Session Information
10 SES 13 A, Professional Development and Dialogue
Paper Session
Contribution
University-based teacher preparation has been the focus of intense scrutiny and criticism in Europe and internationally. For example, a recent report by the European Commission began with an argument for the “urgent need to improve Initial Teacher Education,” [ITE] which, it noted, is the “first, crucial step” toward improving education more generally (European Commission [EC], 2015). Similarly, the need for exploring the relationships between national policy changes and research capacity building in teacher education is drawing much needed in-depth analysis in the U.K. (Murray et al., 2009). In the US, the federal government has invested millions of dollars in teacher residency programs in order to improve university-based teacher education. Residency programs provide residents with immersion in K-12 schools over the course of an entire school year along with a graduate program designed to provide a theoretical grounding and to strengthen knowledge mobilisation (Cain, Wieser, & Livingston, 2016) across the K-12 school and university contexts. In addition, residency models typically provide induction support to beginning teachers, reflecting a growing international consensus that teacher education should exist on an “integrated continuum” (EC, 2015), rather than ending with the conferral of teaching credentials.

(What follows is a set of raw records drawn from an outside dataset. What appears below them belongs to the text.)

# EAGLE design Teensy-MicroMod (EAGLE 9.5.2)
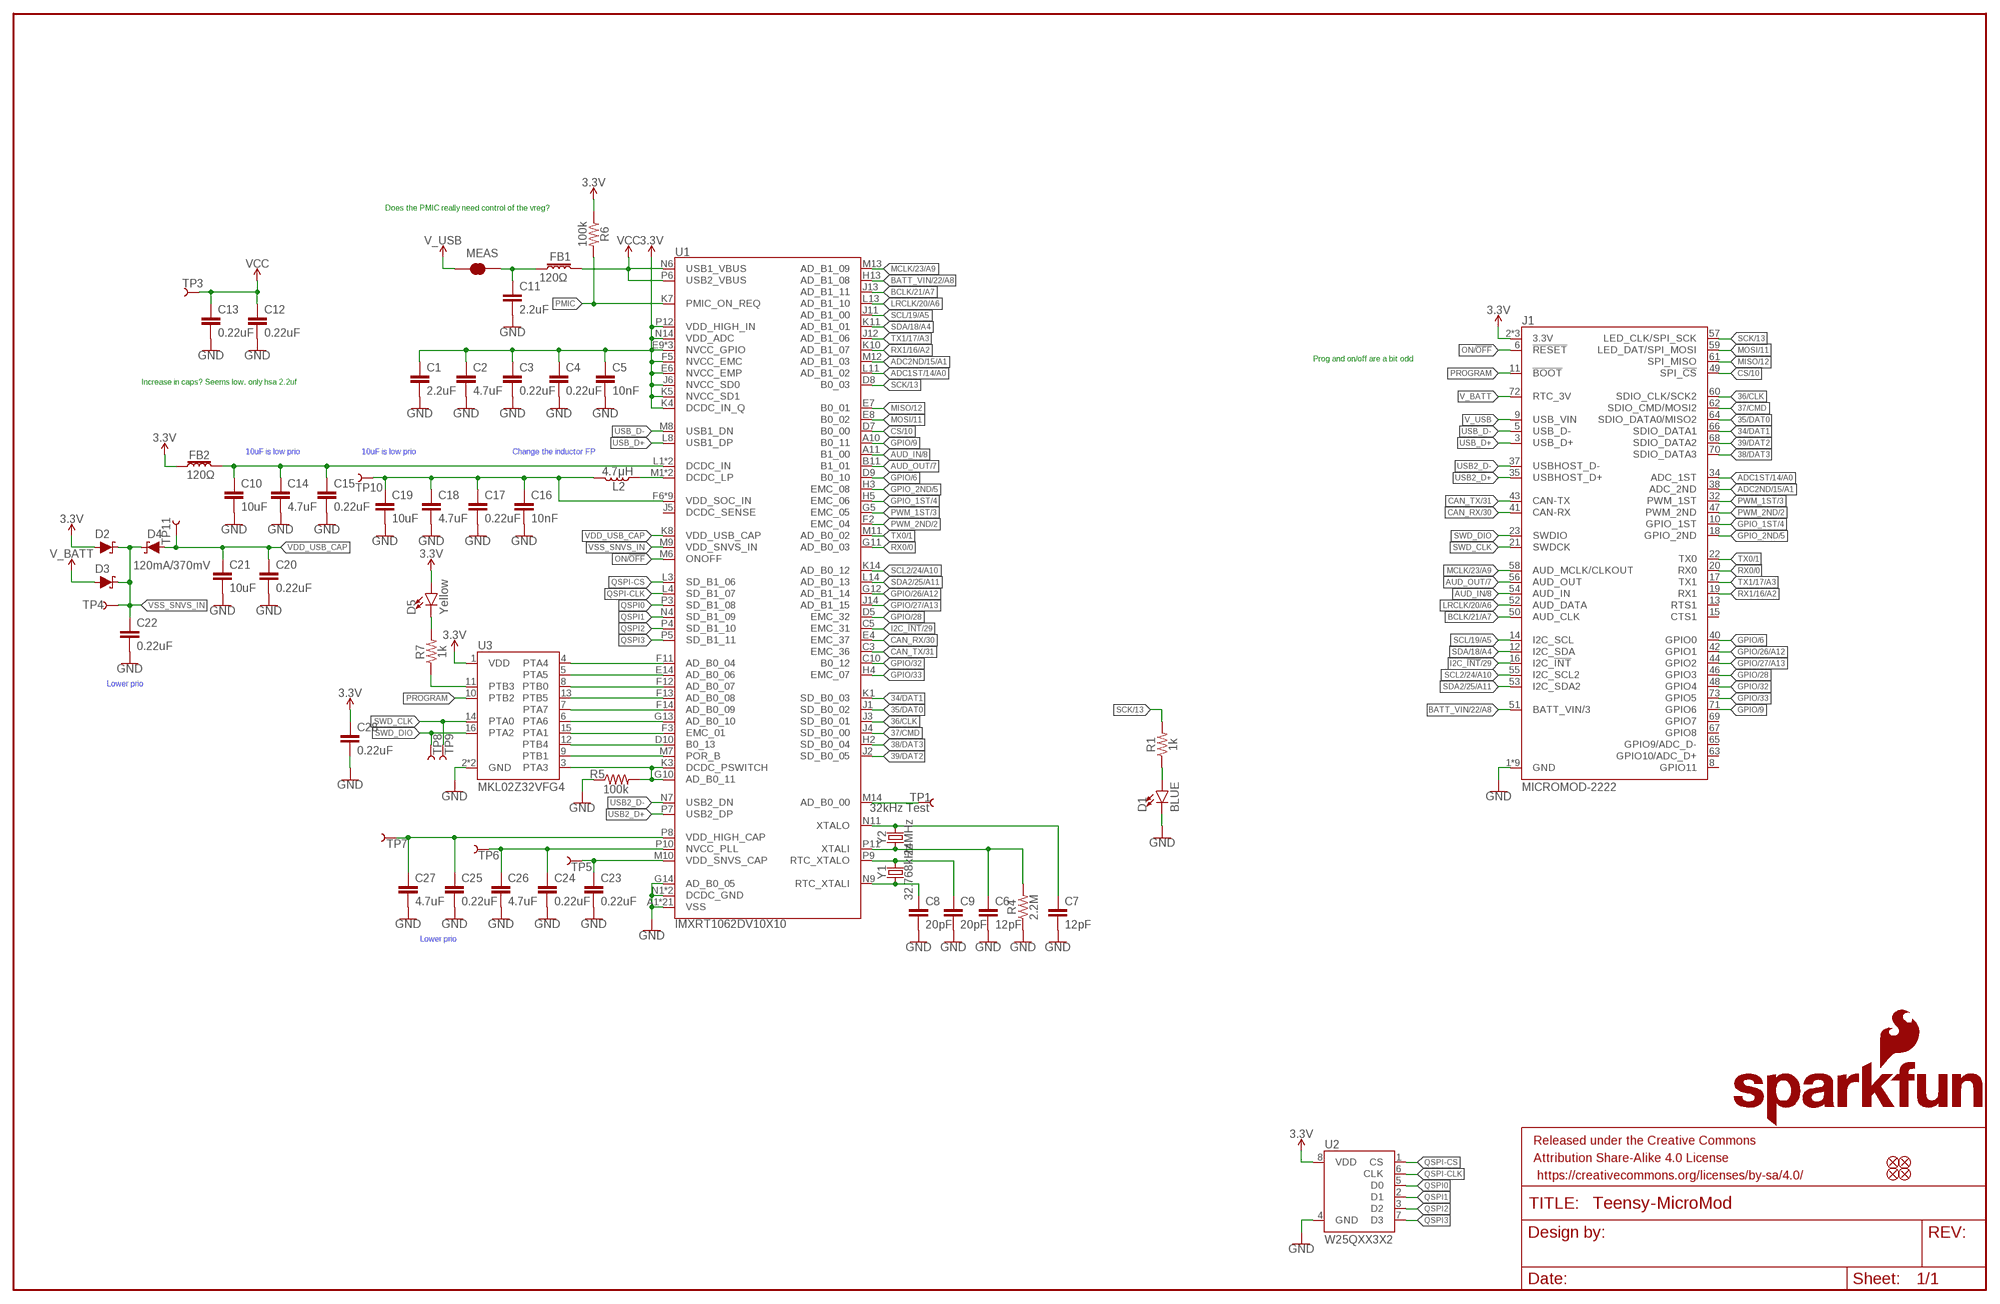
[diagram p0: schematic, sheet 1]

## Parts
C1  2.2uF  2.2UF-0402_TIGHT-10V-10%-X5R  [0402-TIGHT]
C2  4.7uF  4.7UF-0402_TIGHT-6.3V-20%-X5R  [0402-TIGHT]
C3  0.22uF  0.22UF-0402T-10V-10%  [0402-TIGHT]
C4  0.22uF  0.22UF-0402T-10V-10%  [0402-TIGHT]
C5  10nF  10NF-0402T-25V-10%  [0402-TIGHT]
C6  12pF  12PF-0402T-50V-5%  [0402-TIGHT]
C7  12pF  12PF-0402T-50V-5%  [0402-TIGHT]
C8  20pF  20PF-0402T-50V-5%  [0402-TIGHT]
C9  20pF  20PF-0402T-50V-5%  [0402-TIGHT]
C10  10uF  10UF-0402T-6.3V-20%  [0402-TIGHT]
C11  2.2uF  2.2UF-0402_TIGHT-10V-10%-X5R  [0402-TIGHT]
C12  0.22uF  0.22UF-0402T-10V-10%  [0402-TIGHT]
C13  0.22uF  0.22UF-0402T-10V-10%  [0402-TIGHT]
C14  4.7uF  4.7UF-0402_TIGHT-6.3V-20%-X5R  [0402-TIGHT]
C15  0.22uF  0.22UF-0402T-10V-10%  [0402-TIGHT]
C16  10nF  10NF-0402T-25V-10%  [0402-TIGHT]
C17  0.22uF  0.22UF-0402T-10V-10%  [0402-TIGHT]
C18  4.7uF  4.7UF-0402_TIGHT-6.3V-20%-X5R  [0402-TIGHT]
C19  10uF  10UF-0402T-6.3V-20%  [0402-TIGHT]
C20  0.22uF  0.22UF-0402T-10V-10%  [0402-TIGHT]
C21  10uF  10UF-0402T-6.3V-20%  [0402-TIGHT]
C22  0.22uF  0.22UF-0402T-10V-10%  [0402-TIGHT]
C23  0.22uF  0.22UF-0402T-10V-10%  [0402-TIGHT]
C24  0.22uF  0.22UF-0402T-10V-10%  [0402-TIGHT]
C25  0.22uF  0.22UF-0402T-10V-10%  [0402-TIGHT]
C26  4.7uF  4.7UF-0402_TIGHT-6.3V-20%-X5R  [0402-TIGHT]
C27  4.7uF  4.7UF-0402_TIGHT-6.3V-20%-X5R  [0402-TIGHT]
C28  0.22uF  0.22UF-0402T-10V-10%  [0402-TIGHT]
D1  BLUE  LED-BLUE0603  [LED-0603]
D2  120mA370mV  DIODE-SCHOTTKY-RB751S40  [SOD-523]
D3  120mA/370mV  DIODE-SCHOTTKY-RB751S40  [SOD-523]
D4  120mA/370mV  DIODE-SCHOTTKY-RB751S40  [SOD-523]
D5  Yellow  LED-YELLOW0603  [LED-0603]
FB1  120Ω  FERRITE_BEAD-120_OHM-0402  [0402]
FB2  120Ω  FERRITE_BEAD-120_OHM-0402  [0402]
FD1  FIDUCIALUFIDUCIAL  [FIDUCIAL-MICRO]
FD2  FIDUCIALUFIDUCIAL  [FIDUCIAL-MICRO]
FD3  FIDUCIALUFIDUCIAL  [FIDUCIAL-MICRO]
FD4  FIDUCIALUFIDUCIAL  [FIDUCIAL-MICRO]
FRAME1  FRAME-LEDGER  [CREATIVE_COMMONS]
J1  MICROMOD-2222  [M.2-CARD-E-22]
L2  4.7μH  4.7μH_SHIELDED_INDUCTOR  [1008(2520)]
LOGO1  SFE_LOGO_NAME_FLAME.1_INCH  [SFE_LOGO_NAME_FLAME_.1]
MEAS  JUMPER-SMT_2_NC_TRACE_SILK  [SMT-JUMPER_2_NC_TRACE_SILK]
R1  1k  1KOHM-0402T-1/16W-1%  [0402-TIGHT]
R4  2.2M  2.2MOHMS-0402T-1/10W-1%  [0402-TIGHT]
R5  100k  100KOHM-0402T-1/16W-1%  [0402-TIGHT]
R6  100k  100KOHM-0402T-1/16W-1%  [0402-TIGHT]
R7  1k  1KOHM-0402T-1/16W-1%  [0402-TIGHT]
TP1  32kHz Test  TEST-POINT2  [PAD.02X.02]
TP3  TEST-POINT2  [PAD.02X.02]
TP4  TEST-POINT2  [PAD.02X.02]
TP5  TEST-POINT2  [PAD.02X.02]
TP6  TEST-POINT2  [PAD.02X.02]
TP7  TEST-POINT2  [PAD.02X.02]
TP8  TEST-POINT2  [PAD.02X.02]
TP9  TEST-POINT2  [PAD.02X.02]
TP10  TEST-POINT2  [PAD.02X.02]
TP11  TEST-POINT2  [PAD.02X.02]
U1  IMXRT1062DV10X10  [IMXRT1062]
U2  W25QXX3X2  [USON-8]
U3  MKL02Z32VFG4  MKL02Z32VFG4QFN-16  [QFN-16]
Y1  32.768kHz  CRYSTAL-32.768KHZSMD-3.2X1.5  [CRYSTAL-SMD-3.2X1.5MM]
Y2  24MHz  CRYSTAL-24MHZ-SMD-2.0X1.6MM  [CRYSTAL-SMD-2.0X1.6MM]

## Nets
3.3V: C1.1 C2.1 C3.1 C4.1 C5.1 C28.1 D2.A D5.A FB2.1 J1.2(3.3V) J1.4(3.3V) J1.74(3.3V) R6.1 U1.E6(NVCC_EMP) U1.E9(NVCC_GPIO) U1.F5(NVCC_EMC) U1.F10(NVCC_GPIO) U1.J6(NVCC_SD0) U1.J10(NVCC_GPIO) U1.K4(DCDC_IN_Q) U1.K5(NVCC_SD1) U1.N14(VDD_ADC) U1.P12(VDD_HIGH_IN) U2.8(VDD) U3.1(VDD)
34/DAT1: J1.66(SDIO_DATA1) U1.K1(SD_B0_03)
35/DAT0: J1.64(SDIO_DATA0/MISO2) U1.J1(SD_B0_02)
36/CLK: J1.60(SDIO_CLK/SCK2) U1.J3(SD_B0_01)
37/CMD: J1.62(SDIO_CMD/MOSI2) U1.J4(SD_B0_00)
38/DAT3: J1.70(SDIO_DATA3) U1.H2(SD_B0_04)
39/DAT2: J1.68(SDIO_DATA2) U1.J2(SD_B0_05)
ADC1ST/14/A0: J1.34(ADC_1ST) U1.L11(AD_B1_02)
ADC2ND/15/A1: J1.38(ADC_2ND) U1.M12(AD_B1_03)
AUD_IN/8: J1.54(AUD_IN) U1.A11(B1_00)
AUD_OUT/7: J1.56(AUD_OUT) U1.B11(B1_01)
BATT_VIN/22/A8: J1.51(BATT_VIN/3) U1.H13(AD_B1_08)
BCLK/21/A7: J1.50(AUD_CLK) U1.J13(AD_B1_11)
BOOTMODE0: U1.F11(AD_B0_04) U3.4(PTA4)
CAN_RX/30: J1.41(CAN-RX) U1.E4(EMC_37)
CAN_TX/31: J1.43(CAN-TX) U1.C3(EMC_36)
CS/10: J1.49(SPI_!CS!) U1.D7(B0_00)
DEBUG_EN: U1.F3(EMC_01) U3.15(PTA1)
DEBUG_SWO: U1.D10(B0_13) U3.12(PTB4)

Meanwhile, teacher educators have emphasized the need to keep social justice and equity at the center of teacher education programs in order to develop the next generation of teachers who advocate for all students and work to transform their schools into inclusive spaces where all students are valued and can learn (e.g., Agarwal, Epstein, Oppenheim, Oyler & Sonu, 2010; Zeichner, 2009). As faculty, staff, and researchers in an urban teacher residency program that aims to prepare residents to teach for social justice in high-need schools in an urban district in the U.S. (Authors, 2016), we, the authors of this paper, have experienced firsthand the possibilities and challenges of implementing a residency program in the current sociopolitical context. This critical co-constructed autoethnography (Cann & DeMeulenaere, 2012) addresses the following questions:
● What dilemmas in teacher education did we face in the design and implementation of an urban teacher residency program in the current socio-political context?
● How did we, as faculty and staff of the teacher residency program, reflect on and act upon these dilemmas through our implementation of the residency program?
● How do we see our ongoing reflection and development of the program having an impact on the development of our students, members of the next generation of K-12 public school teachers?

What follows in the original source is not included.